## Task to complete
Wherever the word "name" turns up in a line of the entries, copy that line.

*** Data for review ***

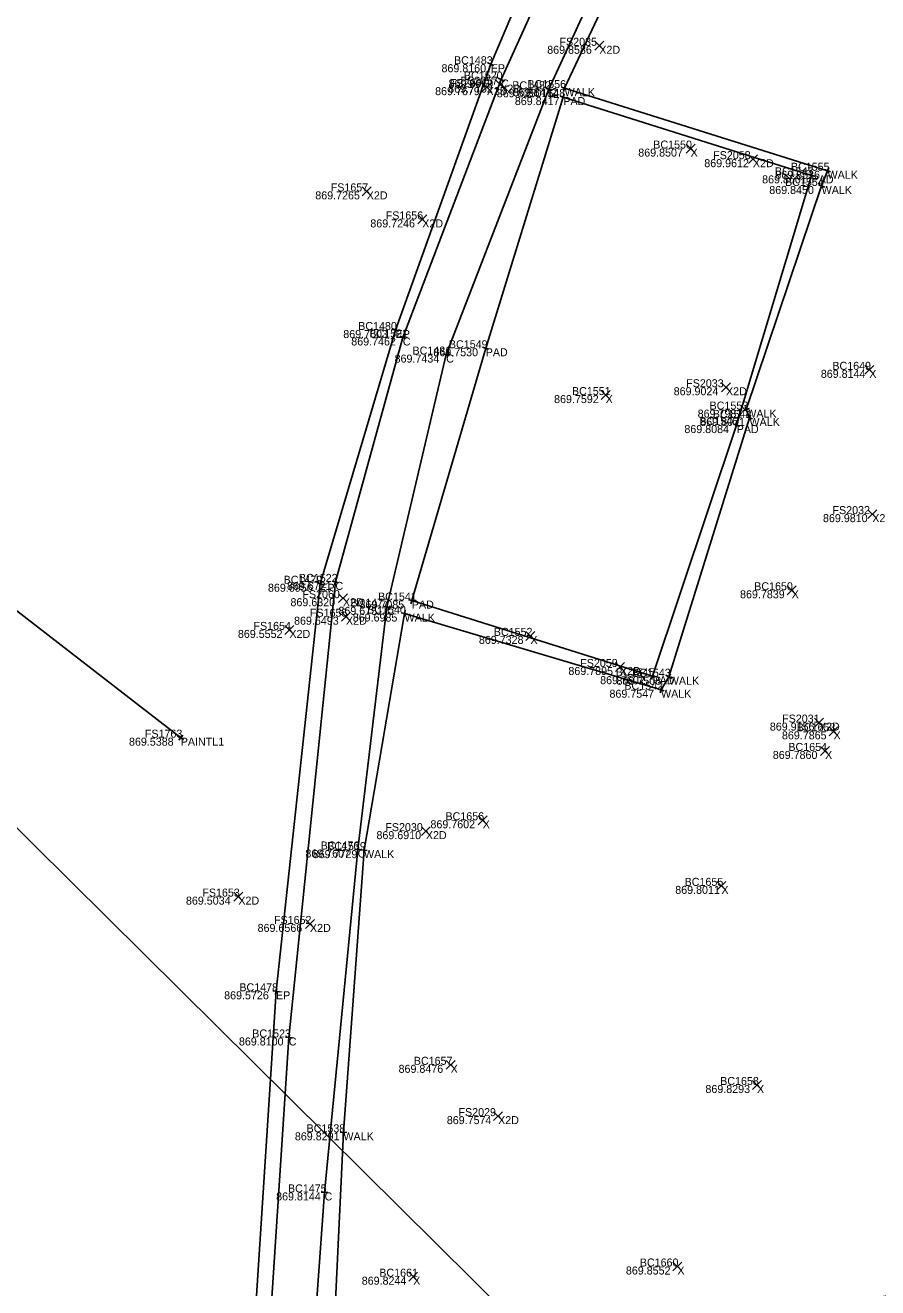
# Model space of a CAD drawing. Extents: x 1479425 to 1480294, y 379351 to 380102.
# Drawn here: x 1479693.48 to 1479699.88, y 379912.39 to 379921.85 of the extents above; entities that cross this region are included whole.
import ezdxf

# ---------------------------------------------------------------- set-up
doc = ezdxf.new("R2010")
doc.units = 0
for name, color, linetype in [('PM_X_Crosswalk', 7, 'Continuous'), ('PV_X_Curb', 7, 'Continuous'), ('PV_X_Walk', 7, 'Continuous'), ('RD_X_Concrete_Pad', 7, 'Continuous'), ('SV_X_Random_Point', 7, 'Continuous'), ('SV_X_Shot_Marker', 7, 'Continuous'), ('SV_X_Text_Comment', 7, 'Continuous'), ('SV_X_Text_Elevation', 7, 'Continuous'), ('SV_X_Text_Name', 7, 'Continuous'), ('UT_X_Gas', 7, 'Continuous')]:
    doc.layers.add(name, color=color, linetype=linetype)

msp = doc.modelspace()

# ---------------------------------------------------------------- linework, layer by layer
at = {"layer": 'PM_X_Crosswalk'}
msp.add_lwpolyline([(1479663.295, 379940.7859), (1479694.651, 379916.5128)], dxfattribs=at)
at = {"layer": 'PV_X_Curb'}
for points in [[(1479696.2636, 379903.5386), (1479695.5705, 379906.7461), (1479695.2973, 379909.3412), (1479695.1738, 379911.6458), (1479695.3654, 379914.6115), (1479695.6976, 379917.6668), (1479696.2624, 379919.5688), (1479696.9758, 379921.5611), (1479698.1082, 379924.2136), (1479700.2799, 379927.5011), (1479703.0248, 379930.6372), (1479705.9498, 379933.539), (1479706.9435, 379934.3789), (1479708.0749, 379934.8076), (1479711.183, 379937.5526), (1479719.99, 379942.1167), (1479736.739, 379950.5318), (1479753.296, 379958.795), (1479766.716, 379965.5627), (1479785.836, 379974.8289), (1479802.25, 379983.0541), (1479831.407, 379997.252)], [(1479714.5618, 379931.5973), (1479714.9536, 379931.8464), (1479713.9233, 379933.1457), (1479712.2808, 379934.1691), (1479710.4236, 379934.7733), (1479708.7692, 379934.7899), (1479708.1103, 379934.7976), (1479707.0655, 379934.2154), (1479706.4002, 379933.8431), (1479705.6821, 379933.0592), (1479703.0049, 379930.3348), (1479700.4209, 379927.5017), (1479698.1162, 379923.7926), (1479697.0539, 379921.4468), (1479696.3167, 379919.5129), (1479695.8109, 379917.6805), (1479695.4613, 379914.2655), (1479695.2919, 379911.6604), (1479695.2827, 379911.4711), (1479695.5098, 379908.7638), (1479695.6518, 379906.8062)], [(1479696.7341, 379903.7226), (1479696.0777, 379906.871), (1479695.8572, 379909.3669), (1479695.6789, 379911.5748), (1479695.6301, 379911.7177), (1479695.7295, 379913.104), (1479695.9783, 379915.6746), (1479696.1977, 379917.4938), (1479696.6417, 379919.3847), (1479697.4123, 379921.3734), (1479698.5912, 379923.9386), (1479699.838, 379926.0575), (1479700.67, 379927.1843), (1479703.3721, 379930.2685), (1479706.2512, 379933.0593), (1479706.6718, 379933.5352), (1479707.0448, 379933.7387), (1479707.4133, 379933.9238), (1479708.304, 379934.3327), (1479710.1486, 379934.3742), (1479711.6155, 379933.9308), (1479713.6212, 379932.8847), (1479714.2993, 379932.0346), (1479714.5618, 379931.5973)]]:
    msp.add_lwpolyline(points, dxfattribs=at)
at = {"layer": 'PV_X_Walk'}
msp.add_lwpolyline([(1479701.8352, 379912.4997), (1479701.2507, 379912.5611), (1479699.8235, 379912.3065), (1479697.4959, 379911.9204), (1479695.7834, 379911.7114), (1479695.8711, 379913.5546), (1479696.0253, 379915.6699), (1479696.3297, 379917.4434), (1479698.2528, 379916.8723), (1479698.3113, 379916.9697), (1479698.9161, 379918.9097), (1479698.892, 379918.9723), (1479699.4573, 379920.6485), (1479699.5018, 379920.7626), (1479697.5293, 379921.3818), (1479698.4277, 379923.2922)], dxfattribs=at)
at = {"layer": 'RD_X_Concrete_Pad'}
msp.add_lwpolyline([(1479696.3836, 379917.5408), (1479698.1885, 379916.9739), (1479698.8201, 379918.8561), (1479699.3822, 379920.7281), (1479697.5202, 379921.3149), (1479696.938, 379919.4321)], close=True, dxfattribs=at)
at = {"layer": 'SV_X_Random_Point'}
for p, q in [((1479697.7567, 379921.6661), (1479697.8233, 379921.7329)), ((1479697.7567, 379921.7329), (1479697.8233, 379921.6661)), ((1479697.0137, 379921.3747), (1479697.0803, 379921.4415)), ((1479697.0137, 379921.4415), (1479697.0803, 379921.3747)), ((1479696.9117, 379921.356), (1479696.9783, 379921.4228)), ((1479696.9117, 379921.4228), (1479696.9783, 379921.356)), ((1479698.4416, 379920.8955), (1479698.5082, 379920.9623)), ((1479698.4416, 379920.9623), (1479698.5082, 379920.8955)), ((1479698.9087, 379920.8161), (1479698.9753, 379920.8829)), ((1479698.9087, 379920.8829), (1479698.9753, 379920.8161)), ((1479696.0127, 379920.5747), (1479696.0793, 379920.6415)), ((1479696.0127, 379920.6415), (1479696.0793, 379920.5747)), ((1479696.4287, 379920.3644), (1479696.4953, 379920.4312)), ((1479696.4287, 379920.4312), (1479696.4953, 379920.3644)), ((1479699.7814, 379919.2369), (1479699.848, 379919.3037)), ((1479699.7814, 379919.3037), (1479699.848, 379919.2369)), ((1479698.7067, 379919.1063), (1479698.7733, 379919.1731)), ((1479698.7067, 379919.1731), (1479698.7733, 379919.1063)), ((1479697.804, 379919.0477), (1479697.8706, 379919.1145)), ((1479697.804, 379919.1145), (1479697.8706, 379919.0477)), ((1479699.8037, 379918.1552), (1479699.8703, 379918.222)), ((1479699.8037, 379918.222), (1479699.8703, 379918.1552)), ((1479699.1997, 379917.5845), (1479699.2663, 379917.6513)), ((1479699.1997, 379917.6513), (1479699.2663, 379917.5845)), ((1479695.8337, 379917.525), (1479695.9003, 379917.5918)), ((1479695.8337, 379917.5918), (1479695.9003, 379917.525)), ((1479695.8567, 379917.3861), (1479695.9233, 379917.4529)), ((1479695.8567, 379917.4529), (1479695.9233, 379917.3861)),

*** End of Data for review ***

## Solution to this exercise
for name, color, linetype in [('PM_X_Crosswalk', 7, 'Continuous'), ('PV_X_Curb', 7, 'Continuous'), ('PV_X_Walk', 7, 'Continuous'), ('RD_X_Concrete_Pad', 7, 'Continuous'), ('SV_X_Random_Point', 7, 'Continuous'), ('SV_X_Shot_Marker', 7, 'Continuous'), ('SV_X_Text_Comment', 7, 'Continuous'), ('SV_X_Text_Elevation', 7, 'Continuous'), ('SV_X_Text_Name', 7, 'Continuous'), ('UT_X_Gas', 7, 'Continuous')]:
    doc.layers.add(name, color=color, linetype=linetype)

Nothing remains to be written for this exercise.